Je vais replacer le contexte histoire que tout le monde comprenne et je précise en même temps que je viens de quitter le fabuleux univers du PC il y a moins d'un an donc Mac pour moi ca reste "un peu"... compliqué... . En vrai je pige quedal même si chaque jour j'en apprends un peu plus.

Je rentre de vacances et j'ai voulu importer les vidéos de ma Gopro toute neuve mais malheureusement GoPro Quick (un des soft de GoPro) ne parvenait pas à importer les photos et vidéos.
J'ai donc été faire un tour sur le site GoPro et différents forums et ai pu constater que dans certains cas ce soucis était causé par le fait que "iphoto" (Photo tout court sur mon mac) et "imovie" étaient réglés en mode importation auto et du coup ça bloquait le processus de GoPro Quick.

Ok pas de soucis, je suis différents tuto pour faire en sorte que cela ne soit plus en mode auto. A priori pas possible de le faire depuis imovie mais dans Photo oui et ca le désactiverait par la même sur imovie. Mais si je dis une connerie dites le moi.

Toutes ces manips m'ont fait me balader dans les méandres de mon Mac et là je découvre que mon Cloud est plein tout comme la mémoire de mon Mac.
Bizarre car je ne sauvegarde rien ni sur mon Mac ni dans le cloud.
Je vais faire un tour dans le finder/tousmesfichiers et je me rends comptes que y a des tonnes de docs !!! Et c'est pareil dans finder/icloudTous ces docs m'appartiennent mais sont issues de plusieurs appareils différents: clefs USB, Appareil photo, 2 ou 3 tel portables,.......

En gros j'ai l'impression que tout ce qui entre en connexion avec mon Mac est automatiquement sauvegardé. What the Fuck is going on !!!!

Prenons un exemple:
Je pratique la chute libre et j'ai récupéré une clef usb d'une des drop zones où je saute, clef qui sert à stocker les sauts des personnes ayant fait le initiation. Je suis rentré chez moi, j'ai connecté la clef afin de virer les 5 ou 6 vidéos publicitaires qui sont dans la clef.
La clef est donc vide mais aujourd'hui j'ai retrouvé les fameuses vidéos publicitaires !

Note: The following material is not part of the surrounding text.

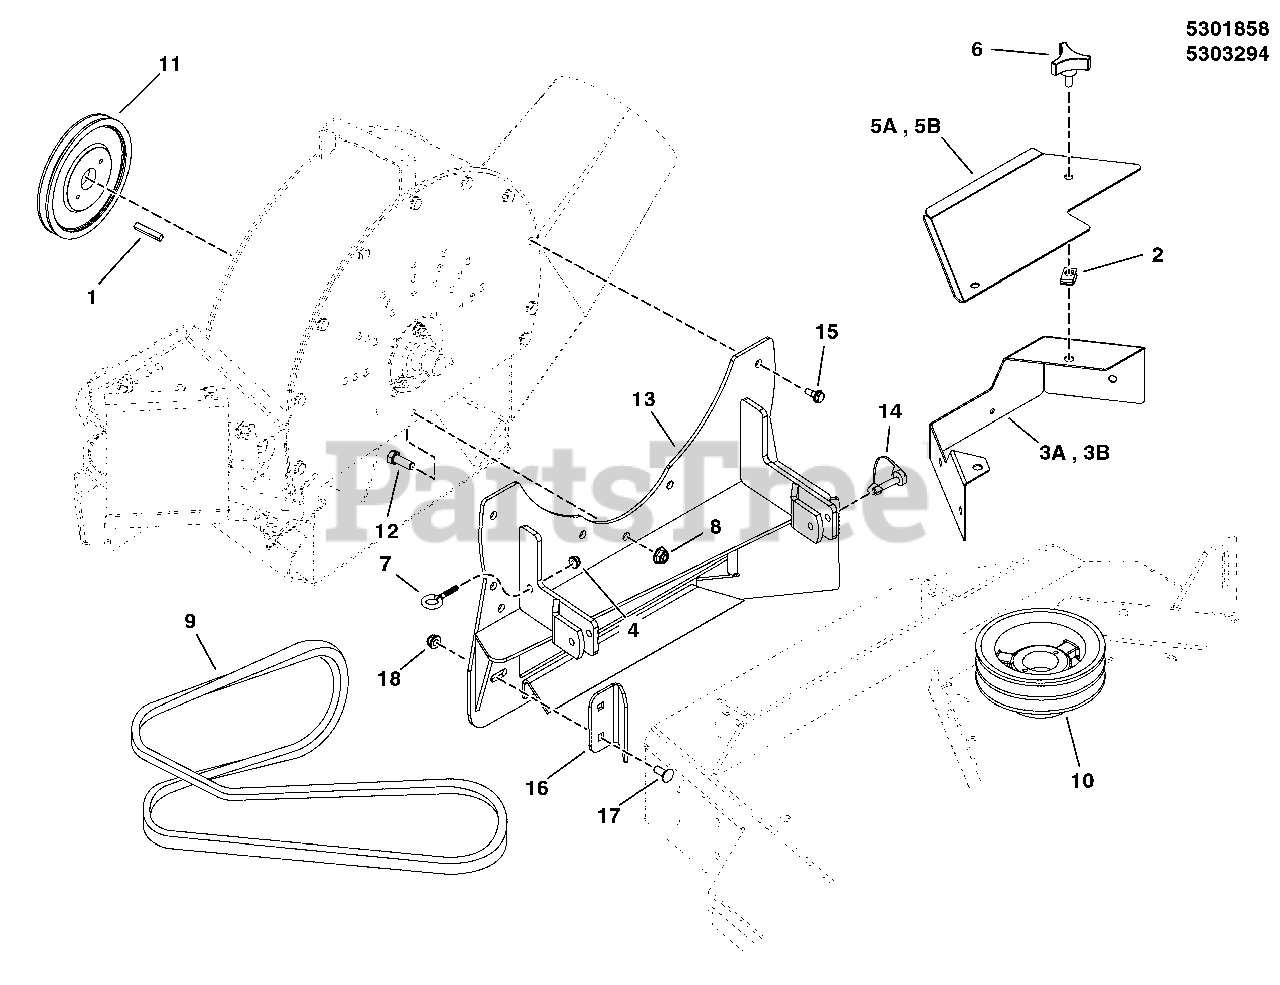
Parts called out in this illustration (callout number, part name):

Si vous êtes encore là merci d'avoir lu ce pavé. Du coup 2 questions :

1/ Quelqu'un saurait il me dire ce qu'il se passe et comment faire en sorte que mon Mac ne se la joue pas en mode sangsue ??
2/ Dans finder/icloud il est indiqué que l'espace de stockage icloud est saturé. Je me fais un "ptit clic droit/lire les informations" sur icloud (oui bha je viens du PC donc le clic droit c'est aussi naturel que d'aller pisser pour moi dsl   ) et là je vois qu'il y a pas loin de 18G. Sauf que quand je "clic droit/lire les informations" sur les différents éléments contenus dans icloud (apreçu, bureau, document,...) je tourne autour de 2G à la très très grosse louche. Pourquoi ?

Merci d'avance




*Note de la modération*: pas trop de rapport avec les portables Mac, je déplace dans le forum adéquat.


----------



## Noa2coco (16 Septembre 2017)

Ah oui et j'oubliais !

Dans mon fameux finder/tousmesfichiers, chaque fois que j'ouvre un doc, une vidéo ou quoi que ce soit, il me le copie. Du coup j'ai certain document en double, triple, quadruple, etc...

Un vrai bord**


----------